Wednesday night’s presidential debate focused on a variety of points regarding American trade deals—and what smart deals will mean for the country—with Donald Trump reiterating, with fervor, that NAFTA was the worst deal ever signed.
The Peterson Institute for International Economics is a Washington, D.C., think tank, and like me, it favors free trade. Recently, the Institute developed a number of computer models based on the trade policies of Hillary Clinton and Donald Trump. According to the Institute’s models, both plans would lead to job losses, with Trump’s supposedly far worse than Clinton’s.
The problem with these models is that they don’t take into account the value of negotiations. I would submit to you that a strong trade plan is not one of solely stiff tariffs, but comes with the harsh reality that countries like China and Mexico will have to sit down at the negotiating table again. The starting point for these trade negotiations will be tariffs. Certainly the aim of these negotiations is not to lose jobs in America; the desire is to create more jobs, as well as a fairer trade system.
Benefiting American Workers
Trade deals negotiated in past administrations included a crucial assumption—namely, that the countries with whom we made these deals would ensure that our companies, manufacturers, firms and financial networks would be treated with the same fairness that their country’s companies would be treated.
That hasn’t always been the case.
Computer models, textbook scenarios and politicians with political agendas are not the sole foundation of wise negotiations. Granted, they certainly should be considered as part of the formation of strong negotiating positions. But far too often, they are considered the only tools of politicians’ self-serving ideology.
Many of these think tanks give us a great starting position. They provide us some perspective and financial data that are important as we begin to think about negotiations. They also provide a starting point for additional analytical data that will be necessary for formulating an end game. Yet we can get lost in computer models and scholarly analysis that overlooks real-life scenarios.
Life in the Real World
In the beginning of the financial crisis, I talked about former Federal Reserve Chair Ben Bernanke being far too busy with his nose buried in textbook scenarios rather than having his ear to the street. By the way, very few of the textbook scenarios have been good for the economy.
Just as we need politicians in a political structure who can start thinking outside the Washington, D.C., bubble, we must consider trade negotiations that occur outside the biased framework of career politicians.
The negotiating skills and attitudes of someone who is not a politician—especially someone with the “elegance” of a New York businessman—may not be very appealing in the world of academia or elitist politics.
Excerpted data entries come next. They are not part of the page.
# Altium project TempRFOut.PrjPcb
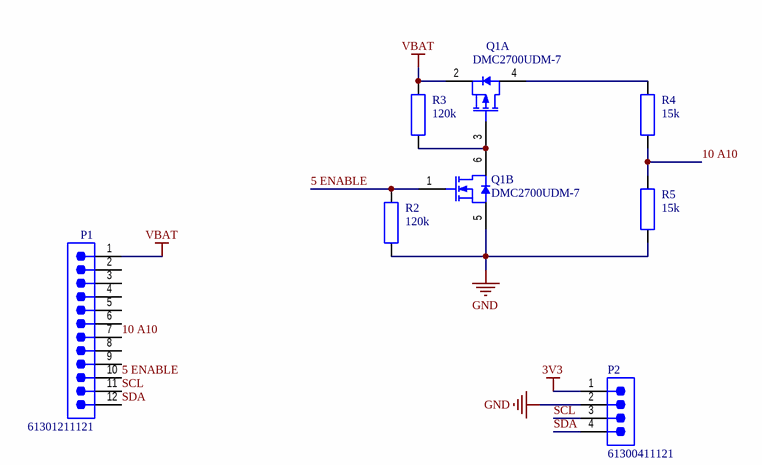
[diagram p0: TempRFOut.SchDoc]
F_DrawnBy: LSR; F_Project: BT_Endurance; F_Revision: 1
1 sheet, 7 parts. Net scope: global (net labels, ports and power ports of the same name join across sheets).
Board file: TempRFOut.PcbDoc

## Sheet TempRFOut.SchDoc
size A4; DrawnBy: LSR; Engineer: CW; SheetNumber: 1; SheetTotal: 1; PageSetup: Record=PageOptions¦CenterHorizontal=True¦CenterVertical=True¦PrintScale=1.00¦XCorrection=1.00¦YCorrection=1.00¦PrintKind=0¦BorderSize=5000000¦LeftOffset=0¦BottomOffset=0¦Orientation=2¦PaperLength=1000¦PaperWidth=1000¦Scale=100¦PaperSource=7¦PrintQuality=-3¦MediaType=1¦DitherType=10¦PrintScaleMode=1¦PaperKind=A4¦PaperIndex=9

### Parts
P1  61301211121  [61301211121]
P2  61300411121  [61300411121]
Q1  DMC2700UDM-7  [FAIR-SOT23-6_V]  (parts A,B of 2)
R2  120k  [0603]
R3  120k  [0603]
R4  15k  [0603]
R5  15k  [0603]

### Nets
3V3: P2.1
GND: P2.2 Q1.5(S) R2.1 R5.1
VBAT: P1.1 Q1.2(S) R3.2
5 ENABLE: P1.10 Q1.1(G) R2.2
10 A10: P1.7 R4.1 R5.2
SCL: P1.11 P2.3
SDA: P1.12 P2.4
NetQ1_3: Q1.3(G) Q1.6(D) R3.1
NetQ1_4: Q1.4(D) R4.2

Not connected (* = marked no-connect by the designer): P1 2 3 4 5 6 8 9

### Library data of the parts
P1 = CMP-1502-01086-4: THT Vertical Pin Header WR-PHD, Pitch 2.54 mm, Single Row, 12 pins; Connector Type: Male Pin; Current Rating: 3A; Gender: Male; Contact Resistance: 20mΩ; Operating Supply Voltage: 250V; Number of Positions: 12; Pitch: 2.54mm
P2 = CMP-1502-01064-4: THT Vertical Pin Header WR-PHD, Pitch 2.54 mm, Single Row, 4 pins; Connector Type: Male Pin; Gender: Male; Current Rating: 3A; Number of Positions: 4; Operating Supply Voltage: 250V; Contact Resistance: 20mΩ; Pitch: 2.54mm
Q1 = CMP-2000-04939-1: Dual N & P-Channel 2.5 V Specified PowerTrench(TM) MOSFET, -55 to 150 degC, 6-Pin SOT-23, RoHS, Tape and Reel; Manufacturer: Fairchild; Typical Rise Time: 9@NChannel; Rad Hard: No; Maximum Drain Source Voltage: 20V; Typical Fall Time: 3@NChannel; Typical Turn-On Delay Time: 5@NChannel; Maximum Continuous Drain Current: 2.7@NChannel; Typical Turn-Off Delay Time: 12@NChannel; RDS-on: 80@4.5V@NChannel; Channel Mode: Enhancement; Maximum Gate Source Voltage: ±8V; Package Version: Rev. 5, 05/2015
R2-R5 = R: Resistor

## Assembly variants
MassProduction: all parts fitted
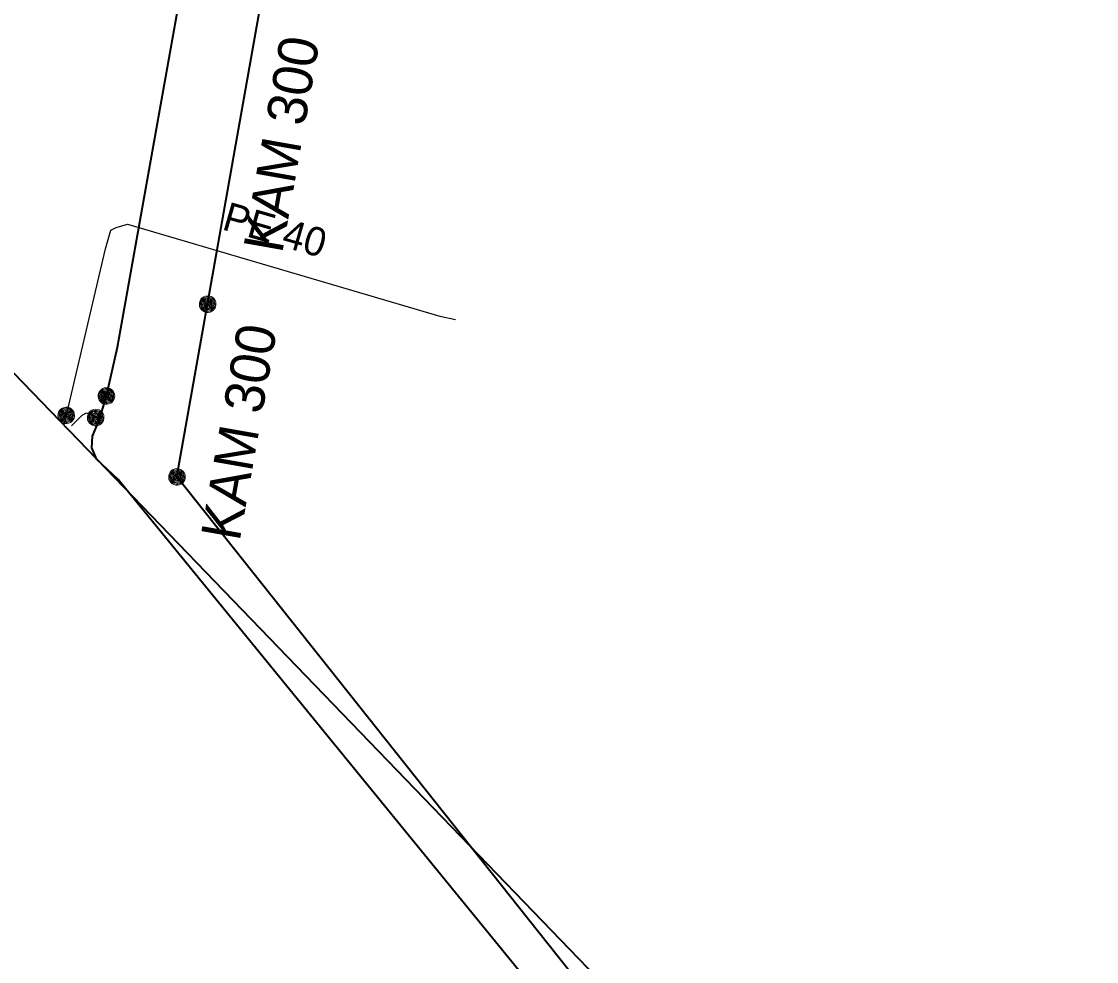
# Model space of a CAD drawing. Extents: x -867121 to -866743, y -1014362 to -1014088.
# Drawn here: x -866794.67 to -866764.7, y -1014270.01 to -1014243.81 of the extents above; entities that cross this region are included whole.
import ezdxf

# ---------------------------------------------------------------- set-up
doc = ezdxf.new("R2010")
doc.units = 0
doc.header["$LTSCALE"] = 0.44
for name, color, linetype, lineweight in [('1', 7, 'Continuous', 35), ('12', 7, 'Continuous', 13), ('21', 7, 'Continuous', 35), ('3', 7, 'Continuous', 25), ('32', 7, 'Continuous', 13)]:
    doc.layers.add(name, color=color, linetype=linetype, lineweight=lineweight)

msp = doc.modelspace()

# ---------------------------------------------------------------- linework, layer by layer
at = {"layer": '1'}
for p, q in [((-866764.699, -1014284.885), (-866792.574, -1014256.008)), ((-866765.275, -1014289.274), (-866791.98, -1014256.58))]:
    msp.add_line(p, q, dxfattribs=at)
for points in [[(-866791.979, -1014256.58), (-866792.57, -1014256.02), (-866792.709, -1014255.69), (-866792.69, -1014255.37), (-866792.5, -1014254.9), (-866792.3, -1014254.24), (-866792, -1014252.89), (-866783.03, -1014202.67), (-866778.1, -1014171.95), (-866772.02, -1014133.72), (-866768.851, -1014115.7)], [(-866792.574, -1014256.008), (-866841.087, -1014205.753), (-866857.467, -1014153.141), (-866859.393, -1014135.973), (-866869.502, -1014132.716), (-866897.758, -1014124.346), (-866897.929, -1014124.295)]]:
    msp.add_lwpolyline(points, dxfattribs=at)
at = {"layer": '12'}
for points in [[(-866792.076, -1014254.249), (-866792.082, -1014254.197), (-866792.099, -1014254.147), (-866792.128, -1014254.103), (-866792.165, -1014254.066), (-866792.21, -1014254.039), (-866792.26, -1014254.022), (-866792.313, -1014254.018), (-866792.365, -1014254.025), (-866792.414, -1014254.044), (-866792.457, -1014254.073), (-866792.493, -1014254.112), (-866792.519, -1014254.157), (-866792.535, -1014254.208), (-866792.538, -1014254.26), (-866792.53, -1014254.312), (-866792.51, -1014254.361), (-866792.479, -1014254.404), (-866792.44, -1014254.438), (-866792.394, -1014254.464), (-866792.343, -1014254.478), (-866792.29, -1014254.48), (-866792.239, -1014254.47), (-866792.191, -1014254.449), (-866792.148, -1014254.418), (-866792.114, -1014254.377), (-866792.09, -1014254.331), (-866792.078, -1014254.28)], [(-866792.106, -1014254.249), (-866792.112, -1014254.2), (-866792.129, -1014254.154), (-866792.157, -1014254.114), (-866792.194, -1014254.082), (-866792.238, -1014254.06), (-866792.286, -1014254.049), (-866792.335, -1014254.049), (-866792.382, -1014254.062), (-866792.425, -1014254.086), (-866792.461, -1014254.119), (-866792.488, -1014254.16), (-866792.504, -1014254.207), (-866792.508, -1014254.256), (-866792.501, -1014254.304), (-866792.482, -1014254.349), (-866792.452, -1014254.389), (-866792.414, -1014254.42), (-866792.37, -1014254.44), (-866792.322, -1014254.45), (-866792.273, -1014254.448), (-866792.226, -1014254.433), (-866792.183, -1014254.408), (-866792.149, -1014254.374), (-866792.123, -1014254.332), (-866792.109, -1014254.285)], [(-866792.136, -1014254.249), (-866792.142, -1014254.204), (-866792.159, -1014254.162), (-866792.187, -1014254.127), (-866792.223, -1014254.1), (-866792.265, -1014254.083), (-866792.31, -1014254.078), (-866792.355, -1014254.084), (-866792.396, -1014254.103), (-866792.431, -1014254.131), (-866792.458, -1014254.168), (-866792.474, -1014254.21), (-866792.478, -1014254.255), (-866792.471, -1014254.3), (-866792.452, -1014254.341), (-866792.423, -1014254.375), (-866792.386, -1014254.401), (-866792.343, -1014254.417), (-866792.298, -1014254.42), (-866792.253, -1014254.412), (-866792.213, -1014254.392), (-866792.179, -1014254.363), (-866792.153, -1014254.325), (-866792.139, -1014254.282)], [(-866792.166, -1014254.249), (-866792.171, -1014254.208), (-866792.189, -1014254.171), (-866792.216, -1014254.14), (-866792.251, -1014254.119), (-866792.291, -1014254.108), (-866792.332, -1014254.11), (-866792.371, -1014254.123), (-866792.405, -1014254.147), (-866792.43, -1014254.179), (-866792.445, -1014254.217), (-866792.448, -1014254.258), (-866792.44, -1014254.298), (-866792.42, -1014254.334), (-866792.391, -1014254.363), (-866792.354, -1014254.382), (-866792.314, -1014254.39), (-866792.273, -1014254.386), (-866792.235, -1014254.371), (-866792.203, -1014254.345), (-866792.18, -1014254.311), (-866792.167, -1014254.272)], [(-866792.196, -1014254.249), (-866792.201, -1014254.213), (-866792.219, -1014254.181), (-866792.245, -1014254.156), (-866792.279, -1014254.141), (-866792.315, -1014254.138), (-866792.35, -1014254.146), (-866792.381, -1014254.166), (-866792.404, -1014254.194), (-866792.417, -1014254.228), (-866792.417, -1014254.265), (-866792.406, -1014254.3), (-866792.385, -1014254.329), (-866792.355, -1014254.35), (-866792.32, -1014254.36), (-866792.283, -1014254.358), (-866792.249, -1014254.344), (-866792.222, -1014254.321), (-866792.203, -1014254.289), (-866792.196, -1014254.254)], [(-866792.226, -1014254.249), (-866792.231, -1014254.218), (-866792.248, -1014254.192), (-866792.274, -1014254.175), (-866792.304, -1014254.168), (-866792.335, -1014254.172), (-866792.362, -1014254.189), (-866792.38, -1014254.213), (-866792.388, -1014254.244), (-866792.384, -1014254.274), (-866792.369, -1014254.302), (-866792.345, -1014254.321), (-866792.315, -1014254.33), (-866792.284, -1014254.327), (-866792.256, -1014254.313), (-866792.236, -1014254.289), (-866792.226, -1014254.26)], [(-866792.256, -1014254.249), (-866792.261, -1014254.225), (-866792.278, -1014254.207), (-866792.301, -1014254.198), (-866792.325, -1014254.201), (-866792.346, -1014254.215), (-866792.357, -1014254.237), (-866792.357, -1014254.262), (-866792.345, -1014254.283), (-866792.325, -1014254.297), (-866792.3, -1014254.3), (-866792.277, -1014254.291), (-866792.261, -1014254.273)], [(-866792.286, -1014254.249), (-866792.291, -1014254.234), (-866792.306, -1014254.228), (-866792.321, -1014254.232), (-866792.328, -1014254.246), (-866792.324, -1014254.261), (-866792.311, -1014254.27), (-866792.296, -1014254.267), (-866792.286, -1014254.255)], [(-866793.196, -1014254.789), (-866793.202, -1014254.737), (-866793.219, -1014254.687), (-866793.248, -1014254.643), (-866793.285, -1014254.606), (-866793.33, -1014254.579), (-866793.38, -1014254.562), (-866793.433, -1014254.558), (-866793.485, -1014254.565), (-866793.534, -1014254.584), (-866793.577, -1014254.613), (-866793.613, -1014254.652), (-866793.639, -1014254.697), (-866793.655, -1014254.748), (-866793.658, -1014254.8), (-866793.65, -1014254.852), (-866793.63, -1014254.901), (-866793.599, -1014254.944), (-866793.56, -1014254.978), (-866793.514, -1014255.004), (-866793.463, -1014255.018), (-866793.41, -1014255.02), (-866793.359, -1014255.01), (-866793.311, -1014254.989), (-866793.268, -1014254.958), (-866793.234, -1014254.917), (-866793.21, -1014254.871), (-866793.198, -1014254.82)], [(-866793.226, -1014254.789), (-866793.232, -1014254.74), (-866793.249, -1014254.694), (-866793.277, -1014254.654), (-866793.314, -1014254.622), (-866793.358, -1014254.6), (-866793.406, -1014254.589), (-866793.455, -1014254.589), (-866793.502, -1014254.602), (-866793.545, -1014254.626), (-866793.581, -1014254.659), (-866793.608, -1014254.7), (-866793.624, -1014254.747), (-866793.628, -1014254.796), (-866793.621, -1014254.844), (-866793.602, -1014254.889), (-866793.572, -1014254.929), (-866793.534, -1014254.96), (-866793.49, -1014254.98), (-866793.442, -1014254.99), (-866793.393, -1014254.988), (-866793.346, -1014254.973), (-866793.303, -1014254.948), (-866793.269, -1014254.914), (-866793.243, -1014254.872), (-866793.229, -1014254.825)], [(-866793.256, -1014254.789), (-866793.262, -1014254.744), (-866793.279, -1014254.702), (-866793.307, -1014254.667), (-866793.343, -1014254.64), (-866793.385, -1014254.623), (-866793.43, -1014254.618), (-866793.475, -1014254.624), (-866793.516, -1014254.643), (-866793.551, -1014254.671), (-866793.578, -1014254.708), (-866793.594, -1014254.75), (-866793.598, -1014254.795), (-866793.591, -1014254.84), (-866793.572, -1014254.881), (-866793.543, -1014254.915), (-866793.506, -1014254.941), (-866793.463, -1014254.957), (-866793.418, -1014254.96), (-866793.373, -1014254.952), (-866793.333, -1014254.932), (-866793.299, -1014254.903), (-866793.273, -1014254.865), (-866793.259, -1014254.822)], [(-866793.286, -1014254.789), (-866793.291, -1014254.748), (-866793.309, -1014254.711), (-866793.336, -1014254.68), (-866793.371, -1014254.659), (-866793.411, -1014254.648), (-866793.452, -1014254.65), (-866793.491, -1014254.663), (-866793.525, -1014254.687), (-866793.55, -1014254.719), (-866793.565, -1014254.757), (-866793.568, -1014254.798), (-866793.56, -1014254.838), (-866793.54, -1014254.874), (-866793.511, -1014254.903), (-866793.474, -1014254.922), (-866793.434, -1014254.93), (-866793.393, -1014254.926), (-866793.355, -1014254.911), (-866793.323, -1014254.885), (-866793.3, -1014254.851), (-866793.287, -1014254.812)], [(-866792.375, -1014254.849), (-866792.382, -1014254.797), (-866792.399, -1014254.747), (-866792.428, -1014254.703), (-866792.465, -1014254.666), (-866792.51, -1014254.639), (-866792.559, -1014254.622), (-866792.613, -1014254.618), (-866792.664, -1014254.625), (-866792.713, -1014254.644), (-866792.757, -1014254.673), (-866792.793, -1014254.712), (-866792.819, -1014254.757), (-866792.835, -1014254.808), (-866792.838, -1014254.86), (-866792.83, -1014254.912), (-866792.809, -1014254.961), (-866792.779, -1014255.004), (-866792.74, -1014255.038), (-866792.694, -1014255.064), (-866792.642, -1014255.078), (-866792.59, -1014255.08), (-866792.539, -1014255.07), (-866792.49, -1014255.049), (-866792.448, -1014255.018), (-866792.414, -1014254.977), (-866792.39, -1014254.931), (-866792.377, -1014254.88)], [(-866792.406, -1014254.849), (-866792.412, -1014254.8), (-866792.429, -1014254.754), (-866792.456, -1014254.714), (-866792.494, -1014254.682), (-866792.538, -1014254.66), (-866792.586, -1014254.649), (-866792.635, -1014254.649), (-866792.681, -1014254.662), (-866792.725, -1014254.686), (-866792.761, -1014254.719), (-866792.788, -1014254.76), (-866792.804, -1014254.807), (-866792.808, -1014254.856), (-866792.801, -1014254.904), (-866792.782, -1014254.949), (-866792.752, -1014254.989), (-866792.713, -1014255.02), (-866792.669, -1014255.04), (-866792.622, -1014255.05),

But the upside is that it’s also not very appealing to politicians in other countries who want to negotiate with us—especially those countries that are not accustomed to dealing with negotiators who come to the table from a position of what is right for America, rather than their political agenda.
Before we begin adding up the jobs that might be lost, we must consider what can be created when the strongest economy in the world begins to negotiate from a position of strength.